I will admit being intrigued by this.  In fact, a member on another forum I belong to swears by it and says it is the only way to go. Looking for other opinions.

https://kbq.us/video-tour/


----------



## Rings Я Us (Feb 23, 2018)

Not sure how that works
http://www.rectecgrills.com/rec-tec-grills-bullseye/

More intriguing to me is this one.


----------



## SonnyE (Feb 23, 2018)

Yeah, I watched that before Sarge.
But nei $1500 is kinda pricey, IMHO.


----------



## pops6927 (Feb 23, 2018)

He lives in Southlake, Tx., northeast of Fort Worth.  About 40 min. from here (2 hours in rush hour traffic! lol!)


----------



## motocrash (Feb 23, 2018)

Very interesting. old sarge - Get one and tell us how well it works:)


----------



## old sarge (Feb 24, 2018)

Found this video of one being used to smoke a brisket.  I found it interesting but not enough for me to take the plunge.  Not yet, anyway.


----------



## motocrash (Feb 24, 2018)

Good god man! Is he gonna light the steps on fire? :eek:


----------



## old sarge (Feb 24, 2018)

Oh, you noticed that as well!  And meanwhile he is shooting pool, watching the history channel, etc.  Sort of like fiddling while Rome burns (to borrow an old metaphor).


----------



## SonnyE (Feb 24, 2018)

motocrash said:


> Good god man! Is he gonna light the steps on fire? :eek:



No, that's just an optical delusion.


----------



## SonnyE (Feb 24, 2018)

old sarge said:


> Oh, you noticed that as well!  And meanwhile he is shooting pool, watching the history channel, etc.  Sort of like fiddling while Rome burns (to borrow an old metaphor).
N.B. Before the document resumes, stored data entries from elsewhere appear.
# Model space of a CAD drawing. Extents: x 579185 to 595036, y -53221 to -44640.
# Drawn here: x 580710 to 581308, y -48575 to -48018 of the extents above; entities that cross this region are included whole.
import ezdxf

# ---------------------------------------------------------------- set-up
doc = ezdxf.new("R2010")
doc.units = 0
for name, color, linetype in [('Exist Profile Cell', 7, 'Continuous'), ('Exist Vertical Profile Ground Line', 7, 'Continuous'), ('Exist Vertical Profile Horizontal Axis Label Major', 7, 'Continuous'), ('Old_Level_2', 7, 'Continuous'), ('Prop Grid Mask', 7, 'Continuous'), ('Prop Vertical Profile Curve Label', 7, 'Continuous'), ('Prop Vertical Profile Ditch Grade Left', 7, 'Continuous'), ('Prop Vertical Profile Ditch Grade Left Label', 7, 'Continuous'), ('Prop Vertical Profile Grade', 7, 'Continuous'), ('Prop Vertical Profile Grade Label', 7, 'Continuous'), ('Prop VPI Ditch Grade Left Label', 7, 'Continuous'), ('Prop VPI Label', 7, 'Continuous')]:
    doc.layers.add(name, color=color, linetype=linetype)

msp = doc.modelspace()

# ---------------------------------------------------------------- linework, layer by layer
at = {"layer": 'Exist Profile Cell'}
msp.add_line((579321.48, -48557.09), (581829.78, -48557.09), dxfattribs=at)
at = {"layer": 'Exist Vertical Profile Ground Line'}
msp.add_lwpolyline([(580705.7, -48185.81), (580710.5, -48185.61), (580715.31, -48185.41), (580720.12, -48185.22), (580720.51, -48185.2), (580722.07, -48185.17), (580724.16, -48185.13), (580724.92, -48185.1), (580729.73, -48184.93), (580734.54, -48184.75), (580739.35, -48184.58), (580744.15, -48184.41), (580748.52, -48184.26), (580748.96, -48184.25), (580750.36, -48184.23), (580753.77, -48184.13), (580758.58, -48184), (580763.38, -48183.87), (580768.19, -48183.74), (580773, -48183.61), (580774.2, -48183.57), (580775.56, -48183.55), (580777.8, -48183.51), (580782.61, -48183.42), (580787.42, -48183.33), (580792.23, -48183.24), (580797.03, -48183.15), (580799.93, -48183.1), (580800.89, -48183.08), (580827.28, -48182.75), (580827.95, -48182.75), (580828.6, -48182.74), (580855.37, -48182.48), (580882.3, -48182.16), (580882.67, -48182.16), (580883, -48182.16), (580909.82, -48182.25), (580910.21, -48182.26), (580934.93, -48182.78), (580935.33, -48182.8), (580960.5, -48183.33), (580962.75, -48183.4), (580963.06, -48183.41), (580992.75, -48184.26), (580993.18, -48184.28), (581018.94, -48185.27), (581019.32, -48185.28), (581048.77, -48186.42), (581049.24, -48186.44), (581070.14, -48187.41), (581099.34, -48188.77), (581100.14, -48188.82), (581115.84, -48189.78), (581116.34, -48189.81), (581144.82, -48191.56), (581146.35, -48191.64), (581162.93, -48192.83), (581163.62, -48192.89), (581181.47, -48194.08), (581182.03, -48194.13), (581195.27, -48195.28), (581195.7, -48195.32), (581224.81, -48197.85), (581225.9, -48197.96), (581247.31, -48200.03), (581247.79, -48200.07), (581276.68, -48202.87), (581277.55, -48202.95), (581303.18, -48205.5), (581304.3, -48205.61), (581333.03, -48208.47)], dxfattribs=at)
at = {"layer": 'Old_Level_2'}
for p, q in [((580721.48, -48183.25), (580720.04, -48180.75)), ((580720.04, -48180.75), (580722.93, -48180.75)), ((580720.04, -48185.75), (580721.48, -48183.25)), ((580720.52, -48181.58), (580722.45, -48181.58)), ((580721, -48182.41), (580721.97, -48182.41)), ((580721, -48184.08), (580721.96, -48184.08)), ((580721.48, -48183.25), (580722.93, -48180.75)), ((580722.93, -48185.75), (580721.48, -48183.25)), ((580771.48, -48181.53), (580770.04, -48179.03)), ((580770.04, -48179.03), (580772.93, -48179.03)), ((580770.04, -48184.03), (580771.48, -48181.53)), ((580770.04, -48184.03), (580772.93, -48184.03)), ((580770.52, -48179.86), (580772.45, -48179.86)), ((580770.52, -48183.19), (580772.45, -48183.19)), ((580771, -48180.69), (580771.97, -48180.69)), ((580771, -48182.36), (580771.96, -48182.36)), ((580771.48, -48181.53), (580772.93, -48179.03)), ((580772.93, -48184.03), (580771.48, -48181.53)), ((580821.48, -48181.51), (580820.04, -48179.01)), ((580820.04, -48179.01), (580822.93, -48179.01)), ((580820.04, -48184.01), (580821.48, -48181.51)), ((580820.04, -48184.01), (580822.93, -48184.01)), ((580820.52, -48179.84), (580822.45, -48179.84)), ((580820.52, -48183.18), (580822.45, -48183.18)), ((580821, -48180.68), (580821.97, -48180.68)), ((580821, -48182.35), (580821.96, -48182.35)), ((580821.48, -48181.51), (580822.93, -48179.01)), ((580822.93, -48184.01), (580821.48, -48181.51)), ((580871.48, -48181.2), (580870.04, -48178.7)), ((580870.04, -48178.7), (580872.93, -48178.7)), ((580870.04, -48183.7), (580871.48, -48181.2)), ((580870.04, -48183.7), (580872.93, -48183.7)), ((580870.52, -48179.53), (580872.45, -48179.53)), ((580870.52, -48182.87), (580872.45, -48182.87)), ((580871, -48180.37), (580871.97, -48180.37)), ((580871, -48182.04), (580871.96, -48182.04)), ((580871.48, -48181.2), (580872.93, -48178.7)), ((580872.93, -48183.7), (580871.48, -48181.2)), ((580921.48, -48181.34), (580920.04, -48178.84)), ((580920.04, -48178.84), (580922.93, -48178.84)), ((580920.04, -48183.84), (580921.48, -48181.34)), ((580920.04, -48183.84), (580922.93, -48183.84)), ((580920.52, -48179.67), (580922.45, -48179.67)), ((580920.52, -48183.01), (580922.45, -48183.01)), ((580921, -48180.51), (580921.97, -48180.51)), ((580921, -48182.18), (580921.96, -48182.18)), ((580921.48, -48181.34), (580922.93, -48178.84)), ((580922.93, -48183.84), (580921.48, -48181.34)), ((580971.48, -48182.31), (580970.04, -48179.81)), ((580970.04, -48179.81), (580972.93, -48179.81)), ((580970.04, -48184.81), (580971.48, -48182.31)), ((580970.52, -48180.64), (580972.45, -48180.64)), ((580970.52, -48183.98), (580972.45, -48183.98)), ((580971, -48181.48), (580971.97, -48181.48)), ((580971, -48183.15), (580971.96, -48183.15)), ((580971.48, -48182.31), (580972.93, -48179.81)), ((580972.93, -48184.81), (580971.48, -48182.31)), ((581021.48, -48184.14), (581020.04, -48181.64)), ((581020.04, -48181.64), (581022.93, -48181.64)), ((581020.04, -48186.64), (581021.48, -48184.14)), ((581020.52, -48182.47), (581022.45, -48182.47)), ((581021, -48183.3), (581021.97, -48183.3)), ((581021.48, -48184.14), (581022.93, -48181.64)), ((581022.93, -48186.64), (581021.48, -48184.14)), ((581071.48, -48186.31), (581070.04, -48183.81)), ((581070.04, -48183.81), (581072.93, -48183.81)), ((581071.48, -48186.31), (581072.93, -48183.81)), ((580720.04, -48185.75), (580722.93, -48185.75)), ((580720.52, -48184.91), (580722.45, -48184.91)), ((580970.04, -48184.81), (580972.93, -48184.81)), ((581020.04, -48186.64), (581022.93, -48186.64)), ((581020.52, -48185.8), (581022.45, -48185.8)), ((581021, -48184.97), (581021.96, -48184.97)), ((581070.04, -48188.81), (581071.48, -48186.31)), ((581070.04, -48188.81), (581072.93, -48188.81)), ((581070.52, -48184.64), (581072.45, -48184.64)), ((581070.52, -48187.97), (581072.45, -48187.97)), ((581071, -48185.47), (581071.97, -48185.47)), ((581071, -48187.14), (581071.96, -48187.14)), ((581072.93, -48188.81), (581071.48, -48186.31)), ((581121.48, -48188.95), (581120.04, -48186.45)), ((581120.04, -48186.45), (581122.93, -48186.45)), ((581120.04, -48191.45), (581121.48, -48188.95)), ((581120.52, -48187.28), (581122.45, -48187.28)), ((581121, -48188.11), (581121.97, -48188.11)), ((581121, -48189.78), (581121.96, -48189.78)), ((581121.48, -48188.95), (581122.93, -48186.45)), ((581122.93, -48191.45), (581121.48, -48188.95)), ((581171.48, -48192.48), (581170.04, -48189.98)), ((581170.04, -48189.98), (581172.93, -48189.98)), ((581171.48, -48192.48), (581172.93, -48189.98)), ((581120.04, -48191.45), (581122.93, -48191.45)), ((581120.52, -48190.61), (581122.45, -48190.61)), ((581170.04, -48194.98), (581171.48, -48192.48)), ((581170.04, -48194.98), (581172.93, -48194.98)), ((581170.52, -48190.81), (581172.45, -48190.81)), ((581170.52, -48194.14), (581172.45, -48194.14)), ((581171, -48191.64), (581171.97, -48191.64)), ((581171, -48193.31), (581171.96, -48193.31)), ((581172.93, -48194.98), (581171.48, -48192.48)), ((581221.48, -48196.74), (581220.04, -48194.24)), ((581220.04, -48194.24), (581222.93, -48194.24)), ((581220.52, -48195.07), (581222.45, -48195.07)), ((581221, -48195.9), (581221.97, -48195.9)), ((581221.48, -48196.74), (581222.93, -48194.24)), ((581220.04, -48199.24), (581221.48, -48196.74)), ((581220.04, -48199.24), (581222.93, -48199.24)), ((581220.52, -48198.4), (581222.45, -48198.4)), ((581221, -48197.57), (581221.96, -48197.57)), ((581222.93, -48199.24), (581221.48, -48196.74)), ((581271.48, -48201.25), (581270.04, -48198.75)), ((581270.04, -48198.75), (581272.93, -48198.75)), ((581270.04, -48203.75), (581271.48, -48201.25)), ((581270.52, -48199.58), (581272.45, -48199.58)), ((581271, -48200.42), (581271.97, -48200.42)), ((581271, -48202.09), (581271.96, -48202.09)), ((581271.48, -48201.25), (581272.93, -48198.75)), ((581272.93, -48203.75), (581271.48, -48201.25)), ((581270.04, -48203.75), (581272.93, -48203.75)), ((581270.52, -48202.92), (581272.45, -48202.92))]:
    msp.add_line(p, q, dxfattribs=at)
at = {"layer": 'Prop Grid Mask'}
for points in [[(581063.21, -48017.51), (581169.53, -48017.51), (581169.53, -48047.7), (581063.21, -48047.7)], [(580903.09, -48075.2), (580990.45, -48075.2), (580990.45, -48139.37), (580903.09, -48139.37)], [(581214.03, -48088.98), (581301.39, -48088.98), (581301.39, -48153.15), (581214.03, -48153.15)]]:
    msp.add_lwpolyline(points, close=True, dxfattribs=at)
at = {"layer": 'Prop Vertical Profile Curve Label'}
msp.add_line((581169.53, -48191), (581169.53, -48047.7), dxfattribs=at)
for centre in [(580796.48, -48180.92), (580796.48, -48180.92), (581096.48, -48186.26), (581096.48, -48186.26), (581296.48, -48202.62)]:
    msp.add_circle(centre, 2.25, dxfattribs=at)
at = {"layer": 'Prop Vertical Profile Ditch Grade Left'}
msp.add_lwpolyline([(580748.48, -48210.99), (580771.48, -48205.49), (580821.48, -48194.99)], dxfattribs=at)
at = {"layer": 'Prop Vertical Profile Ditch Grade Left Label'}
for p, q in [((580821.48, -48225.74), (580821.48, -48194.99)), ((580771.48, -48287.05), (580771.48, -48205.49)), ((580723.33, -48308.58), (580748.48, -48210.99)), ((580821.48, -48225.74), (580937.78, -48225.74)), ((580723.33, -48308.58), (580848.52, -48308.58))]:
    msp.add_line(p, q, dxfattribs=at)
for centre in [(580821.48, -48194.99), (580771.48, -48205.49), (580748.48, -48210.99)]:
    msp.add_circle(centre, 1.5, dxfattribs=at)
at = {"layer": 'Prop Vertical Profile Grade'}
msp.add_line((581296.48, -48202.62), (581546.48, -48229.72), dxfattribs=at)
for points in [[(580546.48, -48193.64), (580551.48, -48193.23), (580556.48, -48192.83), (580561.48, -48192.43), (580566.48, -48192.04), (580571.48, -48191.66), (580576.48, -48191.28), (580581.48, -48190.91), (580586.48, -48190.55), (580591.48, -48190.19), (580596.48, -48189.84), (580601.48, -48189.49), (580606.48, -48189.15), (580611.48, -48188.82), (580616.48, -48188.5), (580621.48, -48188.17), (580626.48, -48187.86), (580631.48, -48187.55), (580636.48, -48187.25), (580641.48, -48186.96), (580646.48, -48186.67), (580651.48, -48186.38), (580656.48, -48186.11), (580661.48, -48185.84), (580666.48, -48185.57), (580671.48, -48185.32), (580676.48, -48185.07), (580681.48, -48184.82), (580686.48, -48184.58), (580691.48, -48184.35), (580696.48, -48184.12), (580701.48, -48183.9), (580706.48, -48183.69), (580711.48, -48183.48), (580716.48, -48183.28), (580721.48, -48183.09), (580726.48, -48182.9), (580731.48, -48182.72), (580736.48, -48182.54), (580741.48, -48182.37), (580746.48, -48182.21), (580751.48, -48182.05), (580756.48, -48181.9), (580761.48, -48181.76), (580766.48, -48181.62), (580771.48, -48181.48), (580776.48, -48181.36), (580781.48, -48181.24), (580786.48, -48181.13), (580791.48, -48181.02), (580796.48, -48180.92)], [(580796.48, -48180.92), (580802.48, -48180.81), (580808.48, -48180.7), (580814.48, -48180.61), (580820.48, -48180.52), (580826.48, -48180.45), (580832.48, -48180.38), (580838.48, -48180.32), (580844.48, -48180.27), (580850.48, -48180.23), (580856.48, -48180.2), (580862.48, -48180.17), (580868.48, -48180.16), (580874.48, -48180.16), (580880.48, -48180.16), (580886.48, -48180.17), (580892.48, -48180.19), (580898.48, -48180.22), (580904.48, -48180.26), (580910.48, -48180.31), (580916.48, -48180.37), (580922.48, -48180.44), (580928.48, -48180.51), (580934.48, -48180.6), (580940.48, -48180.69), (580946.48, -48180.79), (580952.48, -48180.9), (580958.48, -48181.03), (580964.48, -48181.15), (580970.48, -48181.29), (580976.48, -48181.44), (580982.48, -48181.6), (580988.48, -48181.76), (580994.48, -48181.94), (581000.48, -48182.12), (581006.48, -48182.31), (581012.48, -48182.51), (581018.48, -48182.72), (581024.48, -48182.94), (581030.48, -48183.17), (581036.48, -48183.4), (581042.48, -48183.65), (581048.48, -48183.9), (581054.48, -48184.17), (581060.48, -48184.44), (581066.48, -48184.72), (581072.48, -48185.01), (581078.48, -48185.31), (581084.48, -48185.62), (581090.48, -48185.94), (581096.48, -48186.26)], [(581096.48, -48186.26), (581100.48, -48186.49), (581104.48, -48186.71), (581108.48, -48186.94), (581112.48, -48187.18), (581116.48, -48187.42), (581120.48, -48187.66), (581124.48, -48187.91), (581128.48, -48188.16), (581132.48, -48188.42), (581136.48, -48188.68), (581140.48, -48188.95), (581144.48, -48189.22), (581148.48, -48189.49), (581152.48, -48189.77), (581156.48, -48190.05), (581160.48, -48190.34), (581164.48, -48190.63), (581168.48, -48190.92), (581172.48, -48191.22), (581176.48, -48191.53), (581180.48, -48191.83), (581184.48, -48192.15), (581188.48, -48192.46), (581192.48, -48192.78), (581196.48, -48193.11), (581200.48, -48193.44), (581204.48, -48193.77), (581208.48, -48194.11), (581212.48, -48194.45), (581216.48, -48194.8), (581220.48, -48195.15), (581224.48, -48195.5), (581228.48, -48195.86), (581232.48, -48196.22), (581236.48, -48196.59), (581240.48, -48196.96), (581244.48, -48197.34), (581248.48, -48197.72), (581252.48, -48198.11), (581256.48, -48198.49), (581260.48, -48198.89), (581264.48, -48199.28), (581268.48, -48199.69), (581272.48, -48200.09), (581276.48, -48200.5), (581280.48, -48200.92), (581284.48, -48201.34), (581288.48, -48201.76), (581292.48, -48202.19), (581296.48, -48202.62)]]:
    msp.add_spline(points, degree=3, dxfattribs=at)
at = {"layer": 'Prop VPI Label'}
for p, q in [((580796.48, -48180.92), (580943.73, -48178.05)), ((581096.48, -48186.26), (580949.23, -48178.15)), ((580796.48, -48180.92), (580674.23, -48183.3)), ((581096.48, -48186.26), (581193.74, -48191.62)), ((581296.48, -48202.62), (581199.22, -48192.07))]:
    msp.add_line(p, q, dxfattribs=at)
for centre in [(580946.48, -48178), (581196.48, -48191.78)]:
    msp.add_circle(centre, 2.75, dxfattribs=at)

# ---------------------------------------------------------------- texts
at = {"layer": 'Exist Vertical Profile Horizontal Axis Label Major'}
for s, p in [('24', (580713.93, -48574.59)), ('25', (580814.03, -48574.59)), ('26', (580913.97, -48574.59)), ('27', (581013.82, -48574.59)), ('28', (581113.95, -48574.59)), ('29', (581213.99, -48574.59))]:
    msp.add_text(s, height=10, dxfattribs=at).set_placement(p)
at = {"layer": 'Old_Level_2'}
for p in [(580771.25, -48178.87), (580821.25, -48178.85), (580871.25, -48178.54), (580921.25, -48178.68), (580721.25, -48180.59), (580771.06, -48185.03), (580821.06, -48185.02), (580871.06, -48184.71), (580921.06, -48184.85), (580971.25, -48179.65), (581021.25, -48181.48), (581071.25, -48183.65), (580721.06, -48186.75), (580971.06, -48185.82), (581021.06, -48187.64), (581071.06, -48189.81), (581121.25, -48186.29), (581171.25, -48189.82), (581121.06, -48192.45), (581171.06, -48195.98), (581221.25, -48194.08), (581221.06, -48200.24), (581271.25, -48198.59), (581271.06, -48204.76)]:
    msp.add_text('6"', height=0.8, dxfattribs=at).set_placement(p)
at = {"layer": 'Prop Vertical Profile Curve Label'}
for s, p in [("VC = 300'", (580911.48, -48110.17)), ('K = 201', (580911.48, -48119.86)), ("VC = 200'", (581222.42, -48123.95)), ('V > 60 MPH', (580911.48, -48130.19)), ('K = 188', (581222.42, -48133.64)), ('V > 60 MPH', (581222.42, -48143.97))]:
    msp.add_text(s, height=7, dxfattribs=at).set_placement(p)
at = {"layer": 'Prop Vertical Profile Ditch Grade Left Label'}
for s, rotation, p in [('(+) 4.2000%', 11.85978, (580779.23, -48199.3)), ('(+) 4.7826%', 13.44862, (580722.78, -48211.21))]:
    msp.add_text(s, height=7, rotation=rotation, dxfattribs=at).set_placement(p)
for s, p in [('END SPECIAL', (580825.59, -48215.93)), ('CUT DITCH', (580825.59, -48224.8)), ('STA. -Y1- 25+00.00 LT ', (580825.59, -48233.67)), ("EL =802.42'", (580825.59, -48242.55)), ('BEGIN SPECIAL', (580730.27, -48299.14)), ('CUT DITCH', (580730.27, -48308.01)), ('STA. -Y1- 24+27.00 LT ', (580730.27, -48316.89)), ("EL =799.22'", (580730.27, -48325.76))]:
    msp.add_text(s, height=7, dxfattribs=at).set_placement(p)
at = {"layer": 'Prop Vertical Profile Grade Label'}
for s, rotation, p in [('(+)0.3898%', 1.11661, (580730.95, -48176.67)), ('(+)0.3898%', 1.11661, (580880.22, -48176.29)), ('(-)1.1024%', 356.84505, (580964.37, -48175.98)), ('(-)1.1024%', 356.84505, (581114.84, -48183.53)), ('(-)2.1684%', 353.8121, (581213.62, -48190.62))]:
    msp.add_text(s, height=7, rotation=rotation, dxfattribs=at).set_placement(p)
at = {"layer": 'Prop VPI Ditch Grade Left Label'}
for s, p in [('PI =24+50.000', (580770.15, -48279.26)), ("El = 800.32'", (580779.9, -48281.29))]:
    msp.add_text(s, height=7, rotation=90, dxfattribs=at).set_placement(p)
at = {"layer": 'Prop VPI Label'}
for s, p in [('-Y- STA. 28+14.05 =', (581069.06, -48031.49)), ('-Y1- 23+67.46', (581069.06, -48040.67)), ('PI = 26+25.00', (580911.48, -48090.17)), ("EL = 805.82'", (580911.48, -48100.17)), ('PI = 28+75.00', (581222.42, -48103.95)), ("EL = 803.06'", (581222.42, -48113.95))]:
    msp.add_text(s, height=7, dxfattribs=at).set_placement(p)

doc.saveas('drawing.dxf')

I'm sorry Sarge, but that guy would never be allowed on the street, let alone the red carpet at the Oscars.
I had to grab and slide past to get to the meat of the matter. Why waste peoples time with his sick attempt at being entertaining? I never play games, and don't care one bit what bubba watches on tv.
Then he misses key points like applying his store bought rub, and the carving.
He couldn't swab a cannon bore.


----------



## kruizer (Mar 8, 2018)

Kinda looks to me like a solution in search of a problem.


----------



## old sarge (Mar 8, 2018)

I will admit it is intriguing but not something I would leave unattended when in use because it has actual fire. And it is definitely not anywhere close to being on my list of things to buy. The Smokin-it and gas grill do everything I want to do.


----------



## gmc2003 (Mar 8, 2018)

To many things to break down for my liking. I can see those fans getting all gunked up after a period of time. My pellet stove for home heating has had issue with the convection fan. I don't want to play the same game with my smoker. 

Chris


----------